Michel Blanc takes the risk of surprising the public by forming a couple with Gérard Depardieu in the sulfurous “Evening Outfit” (1986).
Michel Blanc takes the risk of surprising the public by forming a couple with Gérard Depardieu in the sulfurous “Evening Outfit” (1986).
DR

After the success of “Marche à l’ombre”, Michel Blanc took a radical turn and abandoned comedy to film the transgressive “Evening Tenue” by Bertrand Blier with Gérard Depardieu and Miou-Miou.

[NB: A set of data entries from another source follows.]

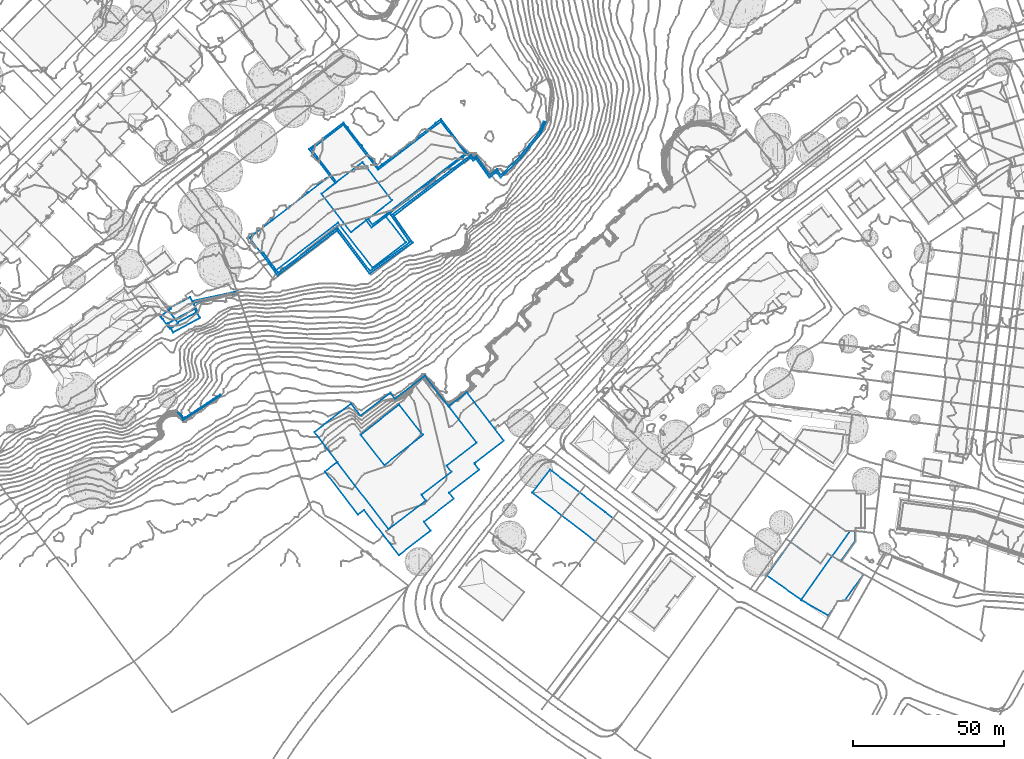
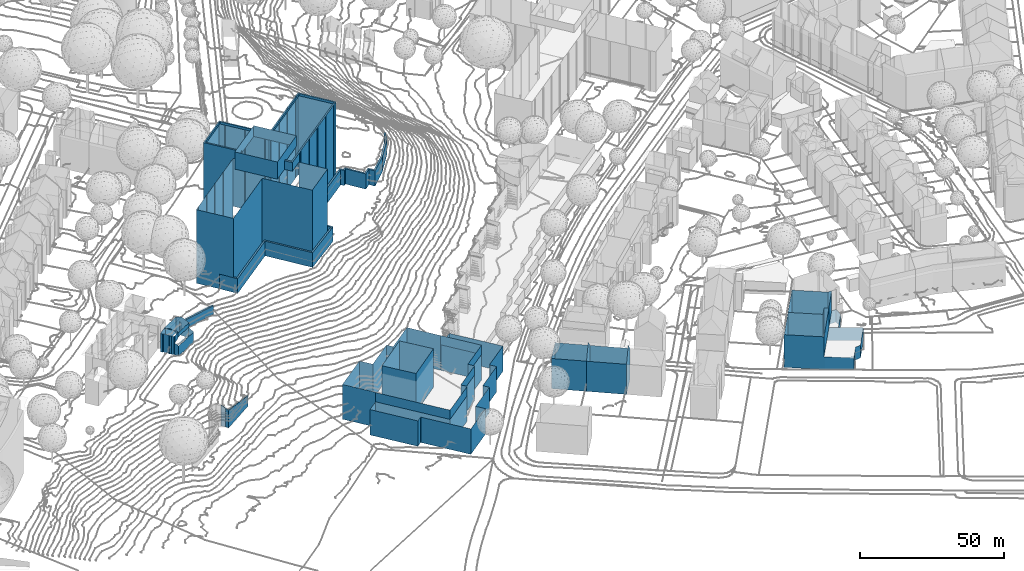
# Not in any storey, part 30 of 494: 13 walls.
"""IFC2X3 model written with IfcOpenShell, lengths in metres."""

from ifc_helpers import new_model, si_unit, frame, origin_with_axes, place, context, subcontext, project, faceted_brep, element, save


model = new_model("IFC2X3")

# Units and contexts
model_context = context("Model", 3, precision=1e-05, world=origin_with_axes())
body_context = subcontext(model_context, "Body", "Model", "MODEL_VIEW")
ifc_project = project(units=[si_unit("AREAUNIT", "SQUARE_METRE"), si_unit("LENGTHUNIT", "METRE")], contexts=[model_context])

# Walls
wall_1_placement = place(None, frame((207.679732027, 107.243916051, 526.7712), z_axis=(0.0, 0.0, 1.0), x_axis=(1.0, 0.0, 0.0)))
element("IfcWall", 1, at=wall_1_placement, Name="Wall 0", context=body_context, shape_type="Brep", body=[
    faceted_brep([(26.550999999, 20.4101999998, 31.203), (26.487999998, 20.4922000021, 31.203), (26.550999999, 20.4101999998, 0.0), (25.4849999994, 19.5899000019, 31.203), (25.4849999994, 19.5899000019, 0.0), (25.4219999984, 19.6719000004, 31.203), (25.4219999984, 19.6719000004, 0.0), (25.0810000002, 19.4101999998, 31.203), (25.0810000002, 19.4101999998, 0.0), (25.1440000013, 19.3282000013, 31.203), (25.1440000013, 19.3282000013, 0.0), (19.5390000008, 15.0196000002, 31.203), (19.5390000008, 15.0196000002, 0.0), (19.4769999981, 15.0997000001, 31.203), (19.4769999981, 15.0997000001, 0.0), (19.1359999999, 14.8379000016, 31.203), (19.1359999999, 14.8379000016, 0.0), (19.1979999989, 14.7578000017, 31.203), (19.1979999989, 14.7578000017, 0.0), (13.5839999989, 10.4415000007, 31.203), (13.5839999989, 10.4415000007, 0.0), (13.5229999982, 10.5206000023, 31.203), (13.5229999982, 10.5206000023, 0.0), (13.1909999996, 10.264700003, 31.203), (13.1909999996, 10.264700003, 0.0), (13.2509999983, 10.1856000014, 31.203), (13.2509999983, 10.1856000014, 0.0), (7.6369999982, 5.871100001, 31.203), (7.6369999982, 5.871100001, 0.0), (7.5779999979, 5.9483000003, 31.203), (7.5779999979, 5.9483000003, 0.0), (7.2289999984, 5.6788000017, 31.203), (7.2289999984, 5.6788000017, 0.0), (7.2879999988, 5.6026000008, 31.203), (7.2879999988, 5.6026000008, 0.0), (1.6979999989, 1.3047000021, 31.203), (1.6979999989, 1.3047000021, 0.0), (1.6400000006, 1.379900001, 31.203), (1.6400000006, 1.379900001, 0.0), (1.2989999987, 1.1182000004, 31.203), (1.2989999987, 1.1182000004, 0.0), (1.3570000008, 1.0430000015, 31.203), (1.3570000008, 1.0430000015, 0.0), (0.0, 0.0, 31.203), (0.0, 0.0, 0.0), (8.4690000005, -11.0126999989, 31.2029), (8.4690000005, -11.0125999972, -0.0001), (29.2599999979, 4.9786000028, 31.2029), (29.2599999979, 4.9786000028, -0.0001), (26.5260000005, 20.5206000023, 31.203), (26.487999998, 20.4922000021, 0.0), (61.7960000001, 37.9942000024, 34.8936), (63.3579999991, 39.193400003, 34.8936), (61.7960000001, 37.9942000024, -0.0001), (61.7639999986, 38.0362000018, 34.8936), (61.7639999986, 38.0362000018, -0.0001), (61.4230000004, 37.7735000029, 34.8936), (61.4230000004, 37.7735000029, -0.0001), (61.4549999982, 37.7314999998, 34.8936), (61.4549999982, 37.7314999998, -0.0001), (55.8610000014, 33.433600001, 34.8936), (55.8610000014, 33.433600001, -0.0001), (55.8299999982, 33.4737000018, 34.8936), (55.8299999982, 33.4737000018, -0.0001), (55.4890000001, 33.2110000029, 34.8936), (55.4890000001, 33.2110000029, -0.0001), (55.5199999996, 33.1709000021, 34.8936), (55.5199999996, 33.1709000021, -0.0001), (49.9210000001, 28.8692000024, 34.8936), (49.9210000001, 28.8692000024, -0.0001), (49.8920000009, 28.9053000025, 34.8936), (49.8920000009, 28.9053000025, -0.0001), (49.550999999, 28.6436000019, 34.8936), (49.550999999, 28.6436000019, -0.0001), (49.5799999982, 28.6064999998, 34.8936), (49.5799999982, 28.6064999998, -0.0001), (43.9780000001, 24.3008000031, 34.8936), (43.9780000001, 24.3008000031, -0.0001), (43.9499999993, 24.3370000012, 34.8936), (43.9499999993, 24.3370000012, -0.0001), (43.6169999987, 24.0811000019, 34.8936), (43.6169999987, 24.0811000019, -0.0001), (43.6449999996, 24.0450000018, 34.8936), (43.6449999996, 24.0450000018, -0.0001), (42.5669999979, 23.2168000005, 34.8936), (42.5669999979, 23.2168000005, -0.0001), (41.75, 24.2774000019, 34.8936), (41.75, 24.2774000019, -0.0001), (41.8269999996, 24.3370000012, 34.8936), (41.8269999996, 24.3370000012, -0.0001), (41.5639999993, 24.6788000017, 34.8936), (41.5639999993, 24.6788000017, -0.0001), (41.4869999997, 24.6192000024, 34.8936), (41.4869999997, 24.6192000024, -0.0001), (37.1710000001, 30.2159000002, 34.8936), (37.1710000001, 30.2159000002, 0.0), (37.256000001, 30.2803000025, 34.8936), (37.256000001, 30.2803000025, 0.0), (36.9930000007, 30.6231000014, 34.8936), (36.9930000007, 30.6231000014, 0.0), (36.9079999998, 30.5567000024, 34.8936), (36.9079999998, 30.5567000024, 0.0), (32.5859999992, 36.1631000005, 34.8936), (32.5859999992, 36.1631000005, 0.0), (32.6779999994, 36.2334000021, 34.8936), (32.6779999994, 36.2334000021, 0.0), (32.4160000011, 36.5752000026, 34.8936), (32.4160000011, 36.5752000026, 0.0), (32.3229999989, 36.5030000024, 34.8936), (32.3229999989, 36.5030000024, 0.0), (31.1119999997, 38.0743000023, 34.8936), (31.1119999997, 38.0743000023, 0.0), (19.7520000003, 29.3311000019, 34.8936), (19.7520000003, 29.3311000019, 0.0), (40.4290000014, 3.3858000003, 34.8936), (38.6160000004, 5.7432000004, 34.8936), (40.4290000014, 3.3858000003, 31.2029), (45.379999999, 7.192400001, 34.8936), (45.1660000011, 7.0274000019, 31.2029), (45.379999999, 7.192400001, -0.0001), (45.3289999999, 7.2588, 34.8936), (45.3289999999, 7.2588, -0.0001), (46.3999999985, 8.0821000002, 34.8936), (46.3999999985, 8.0821000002, -0.0001), (46.4499999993, 8.0157000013, 34.8936), (46.4499999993, 8.0157000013, -0.0001), (46.7910000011, 8.2774000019, 34.8936), (46.7910000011, 8.2774000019, -0.0001), (46.7410000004, 8.3438000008, 34.8936), (46.7410000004, 8.3438000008, -0.0001), (52.379999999, 12.6748000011, 34.8936), (52.379999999, 12.6749000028, -0.0001), (52.4279999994, 12.6123000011, 34.8936), (52.4279999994, 12.6123000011, -0.0001), (52.7609999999, 12.8692000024, 34.8936), (52.7609999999, 12.8692000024, -0.0001), (52.7129999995, 12.9317000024, 34.8936), (52.7129999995, 12.9317000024, -0.0001), (58.3169999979, 17.2344000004, 34.8936), (58.3169999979, 17.2344000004, -0.0001), (58.3619999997, 17.1758000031, 34.8936), (58.3619999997, 17.1758000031, -0.0001), (58.7029999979, 17.4375, 34.8936), (58.7029999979, 17.4375, -0.0001), (58.6579999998, 17.496100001, 34.8936), (58.6579999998, 17.496100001, -0.0001), (64.2589999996, 21.7950000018, 34.8936), (64.2589999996, 21.7950000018, -0.0001), (64.3000000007, 21.7422000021, 34.8936), (64.3000000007, 21.7422000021, -0.0001), (64.6409999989, 22.0040000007, 34.8936), (64.6409999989, 22.0039000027, -0.0001), (64.6000000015, 22.0567000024, 34.8936), (64.6000000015, 22.0567000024, -0.0001), (70.1600000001, 26.327200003, 34.8936), (70.1600000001, 26.327200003, -0.0001), (70.1979999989, 26.2774000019, 34.8936), (70.1979999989, 26.2774000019, -0.0001), (70.5579999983, 26.5547000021, 34.8936), (70.5579999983, 26.5547000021, -0.0001), (70.5199999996, 26.6036000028, 34.8936), (70.5199999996, 26.6036000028, -0.0001), (72.0789999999, 27.8008000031, 34.8936), (72.0789999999, 27.8008000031, -0.0001), (63.3579999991, 39.193400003, -0.0001), (28.4019999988, 18.0821000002, 34.8936), (28.4019999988, 18.0821000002, 31.203), (26.5260000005, 20.5206000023, 0.0), (20.5119999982, 29.2872000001, 34.8936), (28.8579999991, 18.4317000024, 34.8936), (20.5119999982, 29.2872000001, 33.9067), (31.0529999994, 37.3925999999, 34.8936), (31.0529999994, 37.3925999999, 33.9067), (42.5370000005, 22.4581000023, 34.8936), (42.5370000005, 22.4581000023, 33.9067), (63.3079999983, 38.4307000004, 34.8936), (63.3079999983, 38.4307000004, 33.9067), (71.3779999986, 27.9375, 34.8936), (71.3779999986, 27.9375, 33.9067), (40.6779999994, 4.3300999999, 34.8936), (40.6779999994, 4.3300999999, 33.9067), (39.2280000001, 6.2159000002, 34.8936), (39.2280000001, 6.2159000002, 33.9067), (51.7039999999, -1.4736000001, 31.2029), (40.7190000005, -9.9217999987, 31.2029), (51.7039999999, -1.4736000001, -0.0001), (37.4360000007, 25.0274000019, 38.4993), (47.1919999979, 12.3399000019, 38.4992), (37.4360000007, 25.0274000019, 33.9067), (23.7820000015, 14.5263999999, 38.4993), (23.7820000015, 14.5263999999, 31.203), (28.8579999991, 18.4317000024, 33.9067), (33.5379999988, 1.8399000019, 38.4992), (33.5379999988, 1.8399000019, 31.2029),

A real risk-taking, but a real success at the end, “a total shift, a whirlwind…”. The Gai Pied magazine headlines “Touche pas à la femme Blanc” and Michel Blanc wins the male actor prize at .

Between comedies and dramas

Michel Blanc then seems to have found his way, exploring all registers and alternating popular comedies and dramatic films where the full range of his talent is displayed: a sensitivity, a melancholy, a spleen which makes the French laugh, smile and move each time .

This is how we see him playing on the one hand the disturbing “Monsieur Hire” (1989), according to Simenon, or a homosexual doctor at the beginning of AIDS in “Les Témoins” (2007) by André Téchiné ; and on the other side in several comedies including “I find you very handsome”, where he plays a widowed and embittered farmer in love. Michel Barnier made him a knight of the Order of Agricultural Merit in 2008 for this fine role.

Alternating between comedies and more serious films, we find Michel Blanc as a ministerial advisor in “The Exercise of the State” (2011).
Alternating between comedies and more serious films, we find Michel Blanc as a ministerial advisor in “The Exercise of the State” (2011).
DR

“He is a lonely, wounded, disconcerted man,” said his friend, the writer Françoise Sagan, of Michel Blanc. “I am an anxious person who prefers action to depression”, specified the person concerned, as discreet in his private life as he was a perfectionist in his projects, in the theater – winner of the Molière adapter for “L’Amour is the child of a bastard” in 2004 – like in the cinema.

Finally, in 2012, he was crowned with a César for best supporting actor for Pierre Schoeller’s film “The Exercise of the State”. A second will follow, Birthday Caesar, in 2021 with all the friends of the Splendid. This gang of seven met for their 50th anniversary last April, brought together by Paris Match. In the photos, everyone was dressed the same except one, Michel Blanc, as a nod to his journey, choral and singular, between laughter and skin-deep emotion.

Michel Blanc died Thursday evening at the age of 72.
Michel Blanc died Thursday evening at the age of 72.